• [Problem to work on] Somewhere below, one line contains "#15184 = VERTEX_POINT ( 'NONE', #11017 ) ;" and a later line contains "#56150 = EDGE_CURVE". Output those two lines and everything between them exactly, and nothing else.

• [Source material]
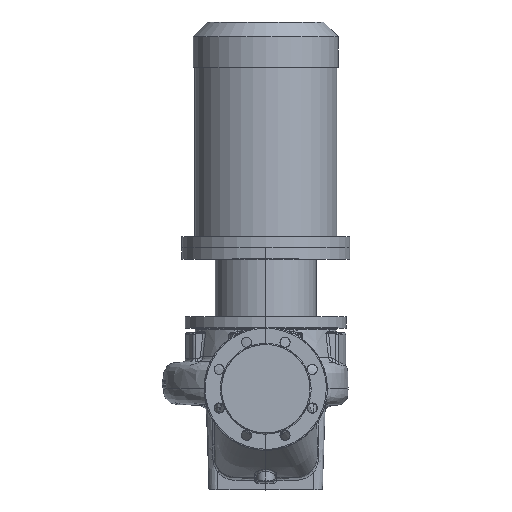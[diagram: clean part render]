
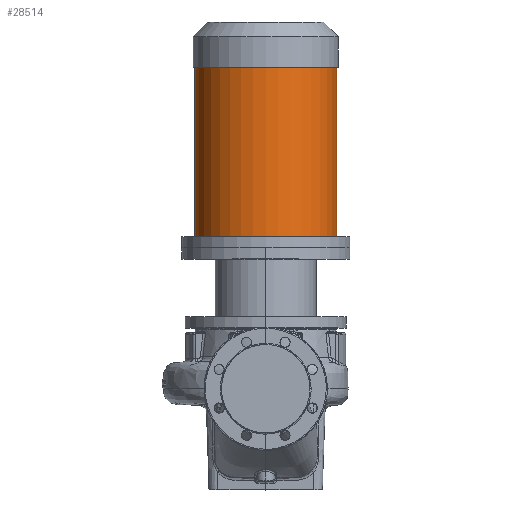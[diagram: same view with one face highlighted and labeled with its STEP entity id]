
A CAD part, top view. The second image highlights one B-rep face of the part: STEP entity #28514.
In plain terms, the highlighted cylindrical face has radius 126.5 mm (diameter 253 mm), a partial arc.
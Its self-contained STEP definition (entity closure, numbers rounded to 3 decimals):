
#6650 = ORIENTED_EDGE ( 'NONE', *, *, #56150, .F. ) ;
#11017 = CARTESIAN_POINT ( 'NONE',  ( 126.5, 271.8, 0. ) ) ;
#12069 = LINE ( 'NONE', #39033, #41829 ) ;
#12193 = EDGE_CURVE ( 'NONE', #15184, #39304, #73930, .T. ) ;
#13558 = VECTOR ( 'NONE', #27673, 1000. ) ;
#13905 = EDGE_LOOP ( 'NONE', ( #6650, #54508, #55804, #73445 ) ) ;
#15184 = VERTEX_POINT ( 'NONE', #11017 ) ;
#20686 = AXIS2_PLACEMENT_3D ( 'NONE', #70295, #71296, #36955 ) ;
#20972 = VERTEX_POINT ( 'NONE', #63115 ) ;
#21030 = CARTESIAN_POINT ( 'NONE',  ( -126.5, 573.8, 0. ) ) ;
#21559 = DIRECTION ( 'NONE',  ( 0., -1., 0. ) ) ;
#24252 = CARTESIAN_POINT ( 'NONE',  ( 0., 271.8, 0. ) ) ;
#26195 = EDGE_CURVE ( 'NONE', #40970, #39304, #12069, .T. ) ;
#26600 = EDGE_CURVE ( 'NONE', #20972, #40970, #39080, .T. ) ;
#27431 = CARTESIAN_POINT ( 'NONE',  ( 126.5, 251.8, 0. ) ) ;
#27673 = DIRECTION ( 'NONE',  ( 0., -1., 0. ) ) ;
#28514 = ADVANCED_FACE ( 'NONE', ( #58590 ), #61247, .T. ) ;
#33744 = AXIS2_PLACEMENT_3D ( 'NONE', #61201, #21559, #38438 ) ;
#36955 = DIRECTION ( 'NONE',  ( -1., 0., 0. ) ) ;
#38438 = DIRECTION ( 'NONE',  ( -1., 0., 0. ) ) ;
#39033 = CARTESIAN_POINT ( 'NONE',  ( -126.5, 251.8, 0. ) ) ;
#39080 = CIRCLE ( 'NONE', #20686, 126.5 ) ;
#39304 = VERTEX_POINT ( 'NONE', #67285 ) ;
#40970 = VERTEX_POINT ( 'NONE', #21030 ) ;
#41829 = VECTOR ( 'NONE', #61304, 1000. ) ;
#46411 = DIRECTION ( 'NONE',  ( 0., -1., 0. ) ) ;
#48835 = AXIS2_PLACEMENT_3D ( 'NONE', #24252, #46411, #70198 ) ;
#54508 = ORIENTED_EDGE ( 'NONE', *, *, #26600, .T. ) ;
#55804 = ORIENTED_EDGE ( 'NONE', *, *, #26195, .T. ) ;
#56150 = EDGE_CURVE ( 'NONE', #20972, #15184, #62948, .T. ) ;
#58590 = FACE_OUTER_BOUND ( 'NONE', #13905, .T. ) ;
#61201 = CARTESIAN_POINT ( 'NONE',  ( 0., 251.8, 0. ) ) ;
#61247 = CYLINDRICAL_SURFACE ( 'NONE', #33744, 126.5 ) ;
#61304 = DIRECTION ( 'NONE',  ( 0., -1., 0. ) ) ;
#62948 = LINE ( 'NONE', #27431, #13558 ) ;
#63115 = CARTESIAN_POINT ( 'NONE',  ( 126.5, 573.8, 0. ) ) ;
#67285 = CARTESIAN_POINT ( 'NONE',  ( -126.5, 271.8, 0. ) ) ;
#70198 = DIRECTION ( 'NONE',  ( -1., 0., 0. ) ) ;
#70295 = CARTESIAN_POINT ( 'NONE',  ( 0., 573.8, 0. ) ) ;
#71296 = DIRECTION ( 'NONE',  ( 0., -1., 0. ) ) ;
#73445 = ORIENTED_EDGE ( 'NONE', *, *, #12193, .F. ) ;
#73930 = CIRCLE ( 'NONE', #48835, 126.5 ) ;
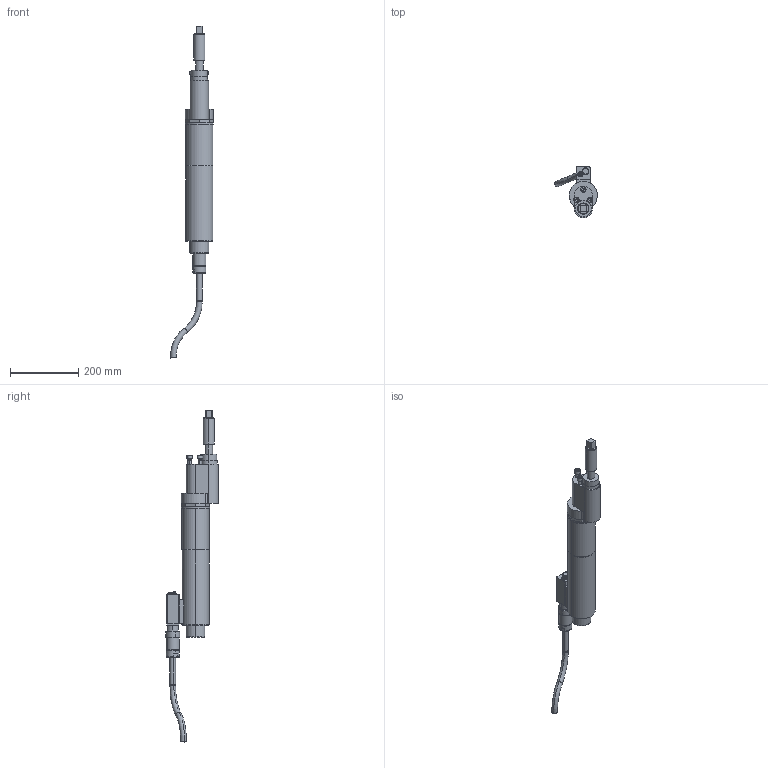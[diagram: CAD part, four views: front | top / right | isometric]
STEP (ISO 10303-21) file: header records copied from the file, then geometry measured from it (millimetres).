
FILE_DESCRIPTION(('CATIA V5 STEP Exchange','CAx-IF Rec.Pracs.--- Model Styling and Organization---1.2---2011-12-15'),'2;1');
FILE_NAME('O:\3D-Schrauber\Einschauschrauber Groesse3 CATIA V4+V5\7920200_ECR334_AO325_AllCATPart.stp','2015-11-13T13:18:00+00:00',('none'),('none'),'CATIA Version 5-6 Release 2014 SP1 HF29','CATIA V5 STEP AP214','none');
FILE_SCHEMA(('AUTOMOTIVE_DESIGN { 1 0 10303 214 1 1 1 1 }'));
Length unit declared in the file: millimetre
Products named in the file (1): 7920200_ECR334_AO325_AllCATPart
Bounding box: 124.97 x 152.33 x 970.16 mm (x, y, z)
Volume: 2947944.9 mm3; surface area: 245319.6 mm2
Topology: 11 solids, 11 shells, 294 faces, 658 edges, 411 vertices
Faces by surface type: plane 124, cylinder 102, cone 44, torus 24
Entity records: 7748 total; most frequent: CARTESIAN_POINT 1597, ORIENTED_EDGE 1304, DIRECTION 1054, EDGE_CURVE 652, AXIS2_PLACEMENT_3D 530, VERTEX_POINT 411, EDGE_LOOP 325, CIRCLE 308

• [Output for this exercise]
#15184 = VERTEX_POINT ( 'NONE', #11017 ) ;
#20686 = AXIS2_PLACEMENT_3D ( 'NONE', #70295, #71296, #36955 ) ;
#20972 = VERTEX_POINT ( 'NONE', #63115 ) ;
#21030 = CARTESIAN_POINT ( 'NONE',  ( -126.5, 573.8, 0. ) ) ;
#21559 = DIRECTION ( 'NONE',  ( 0., -1., 0. ) ) ;
#24252 = CARTESIAN_POINT ( 'NONE',  ( 0., 271.8, 0. ) ) ;
#26195 = EDGE_CURVE ( 'NONE', #40970, #39304, #12069, .T. ) ;
#26600 = EDGE_CURVE ( 'NONE', #20972, #40970, #39080, .T. ) ;
#27431 = CARTESIAN_POINT ( 'NONE',  ( 126.5, 251.8, 0. ) ) ;
#27673 = DIRECTION ( 'NONE',  ( 0., -1., 0. ) ) ;
#28514 = ADVANCED_FACE ( 'NONE', ( #58590 ), #61247, .T. ) ;
#33744 = AXIS2_PLACEMENT_3D ( 'NONE', #61201, #21559, #38438 ) ;
#36955 = DIRECTION ( 'NONE',  ( -1., 0., 0. ) ) ;
#38438 = DIRECTION ( 'NONE',  ( -1., 0., 0. ) ) ;
#39033 = CARTESIAN_POINT ( 'NONE',  ( -126.5, 251.8, 0. ) ) ;
#39080 = CIRCLE ( 'NONE', #20686, 126.5 ) ;
#39304 = VERTEX_POINT ( 'NONE', #67285 ) ;
#40970 = VERTEX_POINT ( 'NONE', #21030 ) ;
#41829 = VECTOR ( 'NONE', #61304, 1000. ) ;
#46411 = DIRECTION ( 'NONE',  ( 0., -1., 0. ) ) ;
#48835 = AXIS2_PLACEMENT_3D ( 'NONE', #24252, #46411, #70198 ) ;
#54508 = ORIENTED_EDGE ( 'NONE', *, *, #26600, .T. ) ;
#55804 = ORIENTED_EDGE ( 'NONE', *, *, #26195, .T. ) ;
#56150 = EDGE_CURVE ( 'NONE', #20972, #15184, #62948, .T. ) ;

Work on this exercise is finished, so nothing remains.